■ **EXERCISE GOAL**
When you reach the line containing "of L4 L3.end" in the data below, begin returning lines exactly as written, and stop once the line containing "constraints: 8 end point, 2 coincident, 1" has been returned.

■ **DATA PROVIDED**
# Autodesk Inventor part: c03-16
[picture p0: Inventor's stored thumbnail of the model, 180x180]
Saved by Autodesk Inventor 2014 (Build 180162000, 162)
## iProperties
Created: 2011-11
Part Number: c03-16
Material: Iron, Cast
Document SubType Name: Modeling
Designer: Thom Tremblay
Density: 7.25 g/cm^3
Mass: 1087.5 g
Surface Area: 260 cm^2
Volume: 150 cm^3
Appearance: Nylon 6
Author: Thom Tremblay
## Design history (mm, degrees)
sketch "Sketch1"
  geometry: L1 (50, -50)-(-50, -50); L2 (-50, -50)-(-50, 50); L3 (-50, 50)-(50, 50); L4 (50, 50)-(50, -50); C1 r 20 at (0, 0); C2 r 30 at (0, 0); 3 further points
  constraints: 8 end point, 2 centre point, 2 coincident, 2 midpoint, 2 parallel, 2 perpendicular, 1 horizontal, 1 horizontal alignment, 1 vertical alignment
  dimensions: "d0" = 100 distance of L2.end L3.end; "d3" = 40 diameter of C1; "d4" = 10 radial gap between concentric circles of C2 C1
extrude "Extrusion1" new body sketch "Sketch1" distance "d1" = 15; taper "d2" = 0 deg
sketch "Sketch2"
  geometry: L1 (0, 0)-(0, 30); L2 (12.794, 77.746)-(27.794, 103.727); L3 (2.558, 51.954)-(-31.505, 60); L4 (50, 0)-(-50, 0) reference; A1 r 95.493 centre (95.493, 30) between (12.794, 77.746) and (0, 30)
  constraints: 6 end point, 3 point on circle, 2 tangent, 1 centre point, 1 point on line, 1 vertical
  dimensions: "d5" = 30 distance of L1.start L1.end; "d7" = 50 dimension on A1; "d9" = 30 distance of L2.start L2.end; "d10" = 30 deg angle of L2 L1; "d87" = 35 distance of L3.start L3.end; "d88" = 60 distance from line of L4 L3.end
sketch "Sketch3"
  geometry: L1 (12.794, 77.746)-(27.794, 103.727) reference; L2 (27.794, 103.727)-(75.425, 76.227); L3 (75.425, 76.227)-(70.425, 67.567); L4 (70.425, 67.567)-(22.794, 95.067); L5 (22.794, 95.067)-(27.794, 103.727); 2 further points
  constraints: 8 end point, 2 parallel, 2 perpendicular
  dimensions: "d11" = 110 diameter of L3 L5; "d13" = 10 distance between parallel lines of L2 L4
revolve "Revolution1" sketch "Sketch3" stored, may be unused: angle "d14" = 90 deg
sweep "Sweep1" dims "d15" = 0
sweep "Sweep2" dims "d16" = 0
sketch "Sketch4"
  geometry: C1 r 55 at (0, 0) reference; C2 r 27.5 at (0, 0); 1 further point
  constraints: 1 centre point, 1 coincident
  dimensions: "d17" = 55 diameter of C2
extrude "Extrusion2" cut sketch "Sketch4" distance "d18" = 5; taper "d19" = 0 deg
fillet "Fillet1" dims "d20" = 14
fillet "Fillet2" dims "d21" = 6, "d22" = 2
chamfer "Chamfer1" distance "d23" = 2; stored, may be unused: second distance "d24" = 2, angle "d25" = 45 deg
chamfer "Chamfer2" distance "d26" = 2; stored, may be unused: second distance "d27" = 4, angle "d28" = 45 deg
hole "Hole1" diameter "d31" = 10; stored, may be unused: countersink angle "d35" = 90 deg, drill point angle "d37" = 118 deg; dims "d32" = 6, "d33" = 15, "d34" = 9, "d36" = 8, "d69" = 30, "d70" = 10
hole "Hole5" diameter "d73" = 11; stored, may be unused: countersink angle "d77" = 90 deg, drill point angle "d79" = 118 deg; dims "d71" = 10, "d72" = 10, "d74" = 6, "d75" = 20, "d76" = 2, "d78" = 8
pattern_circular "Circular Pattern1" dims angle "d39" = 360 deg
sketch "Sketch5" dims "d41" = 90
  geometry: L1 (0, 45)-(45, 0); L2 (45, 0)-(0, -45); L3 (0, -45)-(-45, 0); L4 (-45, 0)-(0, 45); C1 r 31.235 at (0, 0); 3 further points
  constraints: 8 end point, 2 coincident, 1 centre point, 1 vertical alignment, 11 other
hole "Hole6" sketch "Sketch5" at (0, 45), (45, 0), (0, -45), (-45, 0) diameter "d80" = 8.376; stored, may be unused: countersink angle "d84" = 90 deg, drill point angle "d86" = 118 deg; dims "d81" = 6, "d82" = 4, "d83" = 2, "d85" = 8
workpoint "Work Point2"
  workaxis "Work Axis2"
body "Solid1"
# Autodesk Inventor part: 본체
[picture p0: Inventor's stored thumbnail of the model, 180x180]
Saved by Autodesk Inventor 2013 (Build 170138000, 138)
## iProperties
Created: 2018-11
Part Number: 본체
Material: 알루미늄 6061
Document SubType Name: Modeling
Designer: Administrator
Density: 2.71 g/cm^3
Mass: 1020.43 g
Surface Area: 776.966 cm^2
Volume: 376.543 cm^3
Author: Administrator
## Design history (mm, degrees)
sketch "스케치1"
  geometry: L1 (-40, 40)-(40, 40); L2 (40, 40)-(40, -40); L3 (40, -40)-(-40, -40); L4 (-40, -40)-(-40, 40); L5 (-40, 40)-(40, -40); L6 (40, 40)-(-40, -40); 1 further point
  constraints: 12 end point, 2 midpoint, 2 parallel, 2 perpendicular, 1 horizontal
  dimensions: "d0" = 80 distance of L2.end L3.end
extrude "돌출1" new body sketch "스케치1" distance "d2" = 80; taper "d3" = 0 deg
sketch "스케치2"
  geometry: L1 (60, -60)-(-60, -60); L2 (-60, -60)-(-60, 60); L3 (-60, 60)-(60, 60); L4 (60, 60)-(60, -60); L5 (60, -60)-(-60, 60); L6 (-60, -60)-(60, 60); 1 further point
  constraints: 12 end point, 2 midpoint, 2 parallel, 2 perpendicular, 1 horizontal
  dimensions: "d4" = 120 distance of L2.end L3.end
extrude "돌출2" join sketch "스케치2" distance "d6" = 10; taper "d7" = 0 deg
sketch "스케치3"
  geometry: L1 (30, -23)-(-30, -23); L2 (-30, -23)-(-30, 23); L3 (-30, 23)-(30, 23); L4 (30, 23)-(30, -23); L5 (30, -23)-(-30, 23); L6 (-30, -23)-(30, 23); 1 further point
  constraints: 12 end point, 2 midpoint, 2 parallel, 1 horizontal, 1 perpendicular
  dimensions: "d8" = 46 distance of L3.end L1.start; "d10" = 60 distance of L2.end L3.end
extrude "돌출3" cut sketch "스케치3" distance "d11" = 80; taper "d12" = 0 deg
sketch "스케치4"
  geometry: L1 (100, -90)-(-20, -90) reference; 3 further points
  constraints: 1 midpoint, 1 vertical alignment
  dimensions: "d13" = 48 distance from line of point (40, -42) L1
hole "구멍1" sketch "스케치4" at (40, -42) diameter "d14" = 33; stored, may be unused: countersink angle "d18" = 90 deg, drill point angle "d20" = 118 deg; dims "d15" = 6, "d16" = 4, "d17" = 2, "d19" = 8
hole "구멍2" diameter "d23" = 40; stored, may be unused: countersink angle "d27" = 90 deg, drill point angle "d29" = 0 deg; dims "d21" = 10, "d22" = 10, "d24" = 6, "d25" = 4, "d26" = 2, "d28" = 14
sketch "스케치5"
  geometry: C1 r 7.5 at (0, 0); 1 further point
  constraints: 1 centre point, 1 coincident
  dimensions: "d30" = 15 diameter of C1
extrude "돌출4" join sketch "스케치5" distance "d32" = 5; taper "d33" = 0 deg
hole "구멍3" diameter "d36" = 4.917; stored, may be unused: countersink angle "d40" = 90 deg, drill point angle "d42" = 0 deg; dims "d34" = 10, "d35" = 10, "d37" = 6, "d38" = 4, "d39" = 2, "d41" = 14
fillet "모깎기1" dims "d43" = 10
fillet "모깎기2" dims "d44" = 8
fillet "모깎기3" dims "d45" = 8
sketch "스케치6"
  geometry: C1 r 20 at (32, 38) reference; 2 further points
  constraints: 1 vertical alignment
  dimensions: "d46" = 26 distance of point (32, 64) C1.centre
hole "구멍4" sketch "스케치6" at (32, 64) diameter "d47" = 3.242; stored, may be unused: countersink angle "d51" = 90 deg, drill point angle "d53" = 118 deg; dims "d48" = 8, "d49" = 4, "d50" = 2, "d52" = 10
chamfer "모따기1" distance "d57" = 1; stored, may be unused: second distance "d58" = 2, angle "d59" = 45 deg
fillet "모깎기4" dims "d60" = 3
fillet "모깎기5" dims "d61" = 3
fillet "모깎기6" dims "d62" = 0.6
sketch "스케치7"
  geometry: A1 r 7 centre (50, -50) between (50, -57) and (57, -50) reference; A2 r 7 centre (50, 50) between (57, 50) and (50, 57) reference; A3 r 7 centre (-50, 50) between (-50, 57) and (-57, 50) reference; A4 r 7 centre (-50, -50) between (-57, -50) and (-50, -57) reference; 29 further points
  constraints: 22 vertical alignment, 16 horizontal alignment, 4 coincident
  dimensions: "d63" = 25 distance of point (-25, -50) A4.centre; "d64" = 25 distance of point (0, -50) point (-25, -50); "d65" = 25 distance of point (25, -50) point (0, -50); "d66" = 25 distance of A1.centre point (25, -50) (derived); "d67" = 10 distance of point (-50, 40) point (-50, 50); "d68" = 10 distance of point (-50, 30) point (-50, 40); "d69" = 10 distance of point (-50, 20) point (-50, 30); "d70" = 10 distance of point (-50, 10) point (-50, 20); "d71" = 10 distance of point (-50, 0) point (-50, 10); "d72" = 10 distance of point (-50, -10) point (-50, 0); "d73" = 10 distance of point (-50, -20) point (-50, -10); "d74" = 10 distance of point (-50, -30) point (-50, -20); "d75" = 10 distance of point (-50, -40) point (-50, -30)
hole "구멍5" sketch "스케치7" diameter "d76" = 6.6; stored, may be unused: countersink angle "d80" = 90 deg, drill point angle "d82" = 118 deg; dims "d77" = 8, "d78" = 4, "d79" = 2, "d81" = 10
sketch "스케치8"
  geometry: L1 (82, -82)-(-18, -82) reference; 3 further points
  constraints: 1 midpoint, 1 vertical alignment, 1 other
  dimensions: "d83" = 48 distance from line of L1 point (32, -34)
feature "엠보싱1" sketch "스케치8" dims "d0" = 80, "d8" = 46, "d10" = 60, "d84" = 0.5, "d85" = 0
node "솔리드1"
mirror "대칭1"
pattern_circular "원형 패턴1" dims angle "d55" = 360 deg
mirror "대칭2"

■ **EXPECTED ANSWER**
  dimensions: "d5" = 30 distance of L1.start L1.end; "d7" = 50 dimension on A1; "d9" = 30 distance of L2.start L2.end; "d10" = 30 deg angle of L2 L1; "d87" = 35 distance of L3.start L3.end; "d88" = 60 distance from line of L4 L3.end
sketch "Sketch3"
  geometry: L1 (12.794, 77.746)-(27.794, 103.727) reference; L2 (27.794, 103.727)-(75.425, 76.227); L3 (75.425, 76.227)-(70.425, 67.567); L4 (70.425, 67.567)-(22.794, 95.067); L5 (22.794, 95.067)-(27.794, 103.727); 2 further points
  constraints: 8 end point, 2 parallel, 2 perpendicular
  dimensions: "d11" = 110 diameter of L3 L5; "d13" = 10 distance between parallel lines of L2 L4
revolve "Revolution1" sketch "Sketch3" stored, may be unused: angle "d14" = 90 deg
sweep "Sweep1" dims "d15" = 0
sweep "Sweep2" dims "d16" = 0
sketch "Sketch4"
  geometry: C1 r 55 at (0, 0) reference; C2 r 27.5 at (0, 0); 1 further point
  constraints: 1 centre point, 1 coincident
  dimensions: "d17" = 55 diameter of C2
extrude "Extrusion2" cut sketch "Sketch4" distance "d18" = 5; taper "d19" = 0 deg
fillet "Fillet1" dims "d20" = 14
fillet "Fillet2" dims "d21" = 6, "d22" = 2
chamfer "Chamfer1" distance "d23" = 2; stored, may be unused: second distance "d24" = 2, angle "d25" = 45 deg
chamfer "Chamfer2" distance "d26" = 2; stored, may be unused: second distance "d27" = 4, angle "d28" = 45 deg
hole "Hole1" diameter "d31" = 10; stored, may be unused: countersink angle "d35" = 90 deg, drill point angle "d37" = 118 deg; dims "d32" = 6, "d33" = 15, "d34" = 9, "d36" = 8, "d69" = 30, "d70" = 10
hole "Hole5" diameter "d73" = 11; stored, may be unused: countersink angle "d77" = 90 deg, drill point angle "d79" = 118 deg; dims "d71" = 10, "d72" = 10, "d74" = 6, "d75" = 20, "d76" = 2, "d78" = 8
pattern_circular "Circular Pattern1" dims angle "d39" = 360 deg
sketch "Sketch5" dims "d41" = 90
  geometry: L1 (0, 45)-(45, 0); L2 (45, 0)-(0, -45); L3 (0, -45)-(-45, 0); L4 (-45, 0)-(0, 45); C1 r 31.235 at (0, 0); 3 further points
  constraints: 8 end point, 2 coincident, 1 centre point, 1 vertical alignment, 11 other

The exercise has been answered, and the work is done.